当事者の合意による賃貸借契約の更新
合意による契約更新
- 賃貸借の満了期間にあたって、賃貸人と賃借人は賃貸借契約の条件を変更するか、その期間を変更する等、契約条件を変更して合意更新するか、従来の賃貸借と同一の契約条件で合意更新することができます。
合意更新の効果
- 合意更新の効果は、合意の内容により定められます。
- 賃貸借契約の条件を変更する合意更新の場合、変更内容について前の賃貸借と利害関係のある第三者に対抗することはできません。また、賃借保証金を増額する場合、これに対する確定日付の付与を受けないときには、後順位権利者に対して優先弁済権を取得することができません。
「住宅賃貸借保護法」に基づく黙示の更新
黙示の更新要件:更新の拒絶または契約条件変更の未通知
- 賃貸人が賃貸借期間の終わる6か月前から2か月(2020年12月10日以降に初めて締結され、あるいは更新された賃貸借から適用)前までの期間に、賃借人に対して更新拒否の通知をしないか、もしくは契約条件を変更しなければ更新しないという旨の通知をしない場合は、その期間が終わった時に前の賃貸借と同一条件で再び賃貸借したものとみなします。賃借人が賃貸借期間の終わる2か月前までにそのような通知をしなかった場合も同じです(「住宅賃貸借保護法」第6条第1項及び附則<法律第17363号、2020年6月9日>第2条)。

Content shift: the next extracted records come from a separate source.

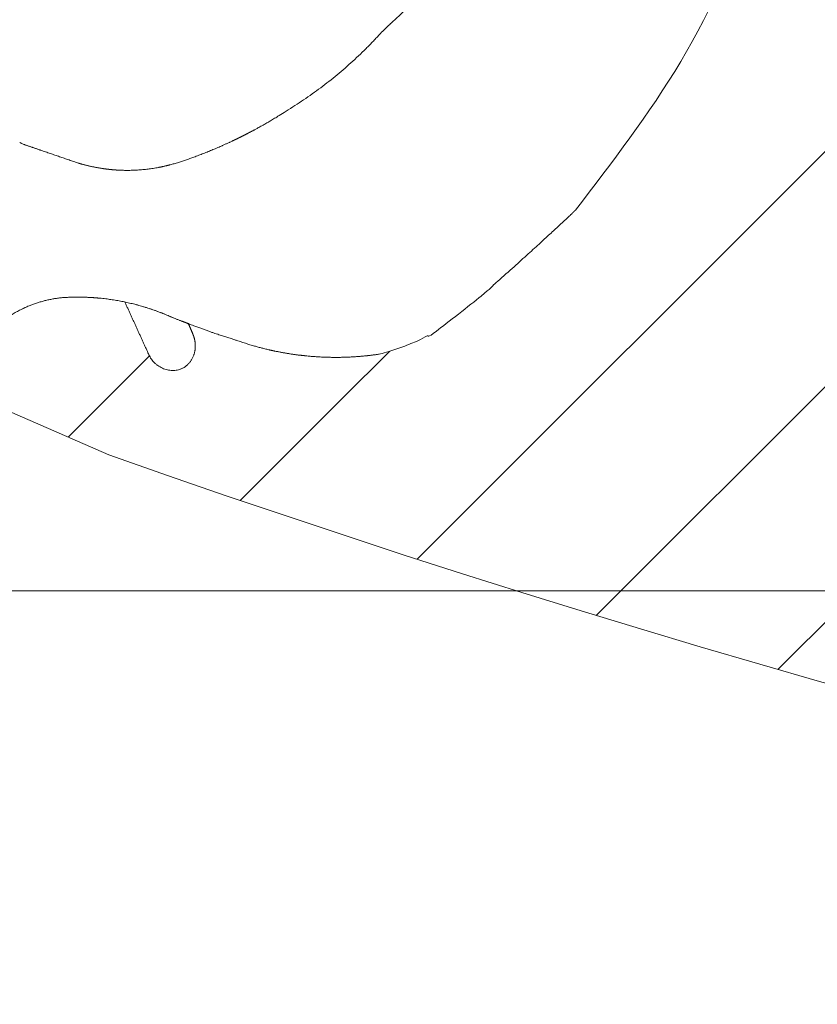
# Model space of a CAD drawing. Header units: metres. Extents: x -111 to 152, y -132 to 99.
# Tile 107 of 256: x -20.19 to -19.741, y -13.058 to -12.503. Entities that reach past the tile are written whole.
import ezdxf

# ---------------------------------------------------------------- set-up
doc = ezdxf.new("R2010")
doc.units = ezdxf.units.M
doc.linetypes.add('Achsen 01', pattern=[5.2915312, 3.175, -1.0580624, 0.3527044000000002, -0.7057644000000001])
doc.linetypes.add('gestrichelt - 01', pattern=[1.9999999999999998, 0.9999999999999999, -0.9999999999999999])
for name, color, linetype, lineweight in [('_EG (2D)', 7, 'Continuous', 9), ('_GRU (2D)', 7, 'Continuous', 9), ('AV1-Schnitt Achsen', 7, 'Achsen 01', 18)]:
    doc.layers.add(name, color=color, linetype=linetype, lineweight=lineweight)
doc.layers.add('AV1-Arbeitsbühne', color=7, linetype='gestrichelt - 01', lineweight=9, true_color=0xf20884)
doc.layers.add('AV1-Einrichtung', color=7, linetype='Continuous', lineweight=9, true_color=0xa6a6a6)

# ---------------------------------------------------------------- blocks, each defined once
blk = doc.blocks.new('Group-296')
at = {"color": 255, "transparency": 33554687}
blk.add_wipeout([(-20.131072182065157, -12.662254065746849), (-20.117786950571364, -12.69143558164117), (-20.116700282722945, -12.693594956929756), (-20.115282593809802, -12.695552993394), (-20.113570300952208, -12.697259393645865), (-20.11160738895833, -12.698670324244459), (-20.1094442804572, -12.699749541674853), (-20.10713654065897, -12.700469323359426), (-20.104743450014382, -12.70081117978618), (-20.10232648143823, -12.700766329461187), (-20.100773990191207, -12.700401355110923), (-20.099329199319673, -12.69988881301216), (-20.097992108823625, -12.699228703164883), (-20.09676271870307, -12.698421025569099), (-20.095641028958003, -12.697465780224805), (-20.09462703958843, -12.696362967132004), (-20.09372075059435, -12.695112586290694), (-20.092922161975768, -12.693714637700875), (-20.092523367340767, -12.69280697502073), (-20.092186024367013, -12.691887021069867), (-20.091910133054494, -12.690954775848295), (-20.09169569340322, -12.690010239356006), (-20.091542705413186, -12.689053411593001), (-20.091451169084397, -12.688084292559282), (-20.091421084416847, -12.68710288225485), (-20.09145245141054, -12.686109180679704), (-20.091493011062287, -12.685419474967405), (-20.091563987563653, -12.68473633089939), (-20.09166538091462, -12.684059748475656), (-20.0917971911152, -12.683389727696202), (-20.091959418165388, -12.682726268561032), (-20.09215206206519, -12.68206937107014), (-20.0923751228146, -12.681419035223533), (-20.092628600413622, -12.680775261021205), (-20.09525917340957, -12.67453654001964), (-20.105159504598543, -12.670605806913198), (-20.108294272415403, -12.669265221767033), (-20.111463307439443, -12.66800778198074), (-20.11466440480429, -12.66683436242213), (-20.117895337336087, -12.665745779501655), (-20.121153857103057, -12.664742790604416), (-20.124437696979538, -12.663826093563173), (-20.127744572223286, -12.662996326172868)], dxfattribs=at).dxf.layer = 'AV1-Einrichtung'
at = {"layer": 'AV1-Einrichtung', "transparency": 33554687}
blk.add_rational_spline([(-20.13107218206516, -12.66225406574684), (-20.12442956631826, -12.676844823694), (-20.11778695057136, -12.69143558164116), (-20.11354323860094, -12.70187790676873), (-20.10232648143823, -12.70076632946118), (-20.09590111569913, -12.69960156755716), (-20.09292216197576, -12.69371463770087), (-20.09120408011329, -12.69010856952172), (-20.09145245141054, -12.6861091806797), (-20.09155385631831, -12.68333723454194), (-20.09262860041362, -12.6807752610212), (-20.0939438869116, -12.67765590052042), (-20.09525917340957, -12.67453654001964), (-20.10020933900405, -12.67257117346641), (-20.10515950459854, -12.67060580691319), (-20.11767359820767, -12.66505779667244), (-20.13107218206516, -12.66225406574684)], [1, 1, 1, 0.8010296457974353, 1, 1, 1, 1, 1, 1, 1, 1, 1, 1, 1, 0.9944388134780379, 1], degree=2, knots=[0, 0, 0, 0.2659940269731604, 0.2659940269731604, 0.4158006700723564, 0.4158006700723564, 0.5241463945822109, 0.5241463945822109, 0.5897416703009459, 0.5897416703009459, 0.6351481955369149, 0.6351481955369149, 0.6904760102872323, 0.6904760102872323, 0.7775220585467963, 0.7775220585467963, 1, 1, 1], dxfattribs=at)
at = {"color": 255, "transparency": 33554687}
blk.add_wipeout([(-19.877417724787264, -12.610468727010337), (-19.870313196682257, -12.603318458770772), (-19.863267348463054, -12.596135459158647), (-19.856280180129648, -12.588919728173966), (-19.849351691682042, -12.581671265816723), (-19.842481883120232, -12.57439007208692), (-19.835670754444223, -12.56707614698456), (-19.828918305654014, -12.559729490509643), (-19.822224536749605, -12.552350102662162), (-19.815918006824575, -12.54532531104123), (-19.810327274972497, -12.53904244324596), (-19.805452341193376, -12.533501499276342), (-19.801293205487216, -12.528702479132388), (-19.79784986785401, -12.524645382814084), (-19.79512232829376, -12.521330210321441), (-19.79311058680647, -12.518756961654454), (-19.791814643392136, -12.516925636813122), (-19.79092105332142, -12.515532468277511), (-19.790116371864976, -12.514273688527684), (-19.789400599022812, -12.51314929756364), (-19.78877373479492, -12.512159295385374), (-19.788235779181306, -12.51130368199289), (-19.787786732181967, -12.510582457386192), (-19.78742659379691, -12.509995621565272), (-19.78715536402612, -12.509543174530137), (-19.785217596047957, -12.505859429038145), (-19.78340112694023, -12.50212901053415), (-19.781705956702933, -12.498351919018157), (-19.780132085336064, -12.494528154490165), (-19.778679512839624, -12.490657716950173), (-19.77734823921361, -12.486740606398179), (-19.776138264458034, -12.482776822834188), (-19.77504958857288, -12.478766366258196), (-19.774420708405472, -12.47404575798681), (-19.773926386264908, -12.46932156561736), (-19.773566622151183, -12.464593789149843), (-19.7733414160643, -12.45986242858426), (-19.773250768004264, -12.455127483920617), (-19.773294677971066, -12.450388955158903), (-19.77347314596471, -12.44564684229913), (-19.7737861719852, -12.440901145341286), (-19.77450893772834, -12.433811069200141), (-19.77500718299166, -12.430120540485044), (-19.77558606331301, -12.426447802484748), (-19.776245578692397, -12.422792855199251), (-19.776985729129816, -12.41915569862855), (-19.777806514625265, -12.415536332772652), (-19.77870793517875, -12.411934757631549), (-19.77968999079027, -12.408350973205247), (-19.780752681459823, -12.404784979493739), (-19.78125111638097, -12.403326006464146), (-19.781772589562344, -12.401773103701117), (-19.782317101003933, -12.400126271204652), (-19.78288465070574, -12.398385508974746), (-19.783475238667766, -12.396550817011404), (-19.78408886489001, -12.39462219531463), (-19.78472552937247, -12.392599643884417), (-19.785385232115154, -12.390483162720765), (-19.786139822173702, -12.388137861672), (-19.787061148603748, -12.385428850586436), (-19.788149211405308, -12.382356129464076), (-19.78940401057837, -12.378919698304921), (-19.79082554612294, -12.375119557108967), (-19.792413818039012, -12.370955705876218), (-19.794168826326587, -12.366428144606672), (-19.796090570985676, -12.361536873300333), (-19.797494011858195, -12.358246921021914), (-19.798803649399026, -12.354927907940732), (-19.80001948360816, -12.351579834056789), (-19.80114151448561, -12.348202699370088), (-19.802169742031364, -12.344796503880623), (-19.803104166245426, -12.341361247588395), (-19.8039447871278, -12.337896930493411), (-19.80469160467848, -12.334403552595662), (-19.80527151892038, -12.331294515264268), (-19.805813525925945, -12.327907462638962), (-19.806265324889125, -12.32451498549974), (-19.80662691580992, -12.321117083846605), (-19.80689829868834, -12.317713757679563), (-19.80707947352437, -12.314305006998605), (-19.807170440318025, -12.31089083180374), (-19.80717119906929, -12.307471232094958), (-19.807081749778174, -12.304046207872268), (-19.806879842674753, -12.30030911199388), (-19.806581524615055, -12.297817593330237), (-19.806193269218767, -12.295349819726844), (-19.805715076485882, -12.292905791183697), (-19.805146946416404, -12.2904855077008), (-19.804488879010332, -12.288088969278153), (-19.803740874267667, -12.285716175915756), (-19.80290293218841, -12.283367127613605), (-19.801975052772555, -12.281041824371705), (-19.801601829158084, -12.280173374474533), (-19.800981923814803, -12.278801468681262), (-19.800332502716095, -12.277446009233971), (-19.799653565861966, -12.276106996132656), (-19.798945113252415, -12.274784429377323), (-19.798207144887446, -12.273478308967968), (-19.797439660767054, -12.272188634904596), (-19.796642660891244, -12.270915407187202), (-19.795816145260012, -12.269658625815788), (-19.792465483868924, -12.264389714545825), (-19.789218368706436, -12.259074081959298), (-19.78607479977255, -12.253711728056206), (-19.78303477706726, -12.248302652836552), (-19.78009830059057, -12.242846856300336), (-19.77726537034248, -12.237344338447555), (-19.77453598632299, -12.231795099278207), (-19.771910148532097, -12.2261991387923), (-19.76949414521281, -12.220915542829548), (-19.76739426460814, -12.21630339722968), (-19.765610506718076, -12.212362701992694), (-19.76414287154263, -12.209093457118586), (-19.762991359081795, -12.206495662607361), (-19.76215596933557, -12.204569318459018), (-19.76163670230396, -12.203314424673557), (-19.76143355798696, -12.202730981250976), (-19.761389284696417, -12.202484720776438), (-19.761346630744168, -12.202241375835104), (-19.761305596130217, -12.202000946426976), (-19.76126618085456, -12.201763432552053), (-19.7612283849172, -12.201528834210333), (-19.761192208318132, -12.201297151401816), (-19.761157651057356, -12.20106838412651), (-19.761124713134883, -12.200842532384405), (-19.76109318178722, -12.200618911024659), (-19.76106284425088, -12.200396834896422), (-19.761033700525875, -12.200176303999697), (-19.76100575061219, -12.199957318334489), (-19.760978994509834, -12.199739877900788), (-19.76095343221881, -12.199523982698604), (-19.760929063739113, -12.19930963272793), (-19.760905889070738, -12.199096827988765), (-19.7608836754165, -12.198883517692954), (-19.760862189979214, -12.198667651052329), (-19.760841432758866, -12.198449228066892), (-19.760821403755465, -12.198228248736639), (-19.760802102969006, -12.198004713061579), (-19.760783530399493, -12.197778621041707), (-19.76076568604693, -12.19754997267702), (-19.760748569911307, -12.197318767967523), (-19.760732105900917, -12.19706885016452), (-19.760716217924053, -12.196784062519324), (-19.760700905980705, -12.196464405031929), (-19.760686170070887, -12.196109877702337), (-19.760672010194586, -12.195720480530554), (-19.760658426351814, -12.195296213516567), (-19.76064541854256, -12.19483707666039), (-19.760632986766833, -12.194343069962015), (-19.760993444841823, -12.189902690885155), (-19.761721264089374, -12.185629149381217), (-19.76281644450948, -12.181522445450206), (-19.764278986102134, -12.177582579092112), (-19.766108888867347, -12.173809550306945), (-19.768306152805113, -12.170203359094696), (-19.77087077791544, -12.166764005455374), (-19.773802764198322, -12.16349148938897), (-19.776081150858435, -12.161315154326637), (-19.77842685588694, -12.159231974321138), (-19.78083987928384, -12.157241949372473), (-19.783320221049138, -12.155345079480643), (-19.785867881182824, -12.153541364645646), (-19.788482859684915, -12.151830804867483), (-19.791165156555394, -12.150213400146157), (-19.79391477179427, -12.148689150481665), (-19.800130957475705, -12.145086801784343), (-19.80640286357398, -12.141596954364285), (-19.8127304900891, -12.138219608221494), (-19.819113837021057, -12.134954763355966), (-19.825552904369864, -12.131802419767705), (-19.83204769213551, -12.128762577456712), (-19.838598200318, -12.12583523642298), (-19.845204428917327, -12.123020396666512), (-19.854970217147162, -12.118842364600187), (-19.86413491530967, -12.1149674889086), (-19.87269852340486, -12.111395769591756), (-19.88066104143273, -12.108127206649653), (-19.88802246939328, -12.105161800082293), (-19.894782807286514, -12.102499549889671), (-19.900942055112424, -12.100140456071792), (-19.906500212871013, -12.098084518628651), (-19.91183146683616, -12.096166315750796), (-19.91731000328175, -12.094220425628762), (-19.922935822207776, -12.092246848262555), (-19.928708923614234, -12.090245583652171), (-19.934629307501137, -12.088216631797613), (-19.940696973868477, -12.086159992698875), (-19.94691192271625, -12.084075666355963), (-19.95327415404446, -12.081963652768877), (-19.95934099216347, -12.079958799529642), (-19.96466976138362, -12.078195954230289), (-19.969260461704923, -12.076675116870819), (-19.97311309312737, -12.075396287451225), (-19.976227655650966, -12.07435946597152), (-19.97860414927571, -12.073564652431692), (-19.9802425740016, -12.073011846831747), (-19.981142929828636, -12.072701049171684), (-19.981718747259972, -12.072492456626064), (-19.982383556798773, -12.072246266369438), (-19.983137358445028, -12.071962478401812), (-19.983980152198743, -12.071641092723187), (-19.984911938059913, -12.07128210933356), (-19.985932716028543, -12.070885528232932), (-19.98704248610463, -12.070451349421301), (-19.988241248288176, -12.069979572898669), (-19.995296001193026, -12.066874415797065), (-20.001871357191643, -12.063263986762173), (-20.00796731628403, -12.059148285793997), (-20.01358387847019, -12.054527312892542), (-20.018721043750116, -12.049401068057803), (-20.023378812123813, -12.043769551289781), (-20.02755718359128, -12.037632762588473), (-20.031256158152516, -12.030990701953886), (-20.032039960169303, -12.02986826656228), (-20.03332190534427, -12.02814730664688), (-20.03510199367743, -12.025827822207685), (-20.03738022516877, -12.022909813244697), (-20.040156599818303, -12.019393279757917), (-20.04343111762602, -12.015278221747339), (-20.04720377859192, -12.01056463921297), (-20.051474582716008, -12.005252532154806), (-20.052741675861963, -12.004290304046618), (-20.054028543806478, -12.003359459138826), (-20.05533518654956, -12.002459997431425), (-20.056661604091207, -12.001591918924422), (-20.05800779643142, -12.000755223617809), (-20.059373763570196, -11.999949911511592), (-20.060759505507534, -11.999175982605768), (-20.062165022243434, -11.998433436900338), (-20.07901128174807, -11.99246314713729), (-20.087718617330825, -11.992325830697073), (-20.096707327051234, -11.992671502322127), (-20.105977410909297, -11.993500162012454), (-20.11552886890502, -11.994811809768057), (-20.1253617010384, -11.996606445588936), (-20.135475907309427, -11.998884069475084), (-20.145871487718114, -12.001644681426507), (-20.15654844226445, -12.004888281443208), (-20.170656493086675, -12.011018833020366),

- 賃借人が2期の借賃額に達するまで延滞したかその他賃借人としての義務に著しく違反した場合、黙示の更新を行うことはできません(「住宅賃貸借保護法」第6条第3項)。
黙示の更新の効果
- 住宅賃貸借契約が黙示的に更新されれば、従来の賃貸借と同一条件で再び賃貸借したものとみなされます(「住宅賃貸借保護法」第6条第1項前段)。
- 住宅賃貸借契約が黙示的に更新されれば、賃貸借の存続期間は2年となります(「住宅賃貸借保護法」第4条第1項及び第6条第2項)。
黙示的に更新された賃貸借契約の解約
- 住宅賃貸借契約が黙示的に更新された場合、賃借人はいつでも更新された賃貸借契約を解約することができ、2年の賃貸借期間を主張することも可能です(「住宅賃貸借保護法」第4条第1項及び第6条の2第1項)。
- 賃借人が賃貸借契約を解約する場合は、賃貸人が通知を受けた日より3か月が過ぎると、その効力が発生します(「住宅賃貸借保護法」第6条の2第2項)。
「住宅賃貸借保護法」による契約更新要求
契約更新要求権
- 上記の「住宅賃貸借保護法」に基づく黙示の更新の規定にかかわらず、賃貸人は、賃借人が賃貸借期間が終了する6ヶ月前から2ヶ月(2020年12月10日以後に初めて締結され、または更新された賃貸借から適用される)前までに契約更新を求める場合、正当な事由なく拒否してはなりません(「住宅賃貸借保護法」第6条の3第1項本文、第6条第1項前段及び附則<法律第17363号、2020年6月9日>第2条)。賃借人は、契約更新要求権を1回に限り行使することができ、更新された賃貸借の存続期間は2年とします(「住宅賃貸借保護法」第6条の3第2項)。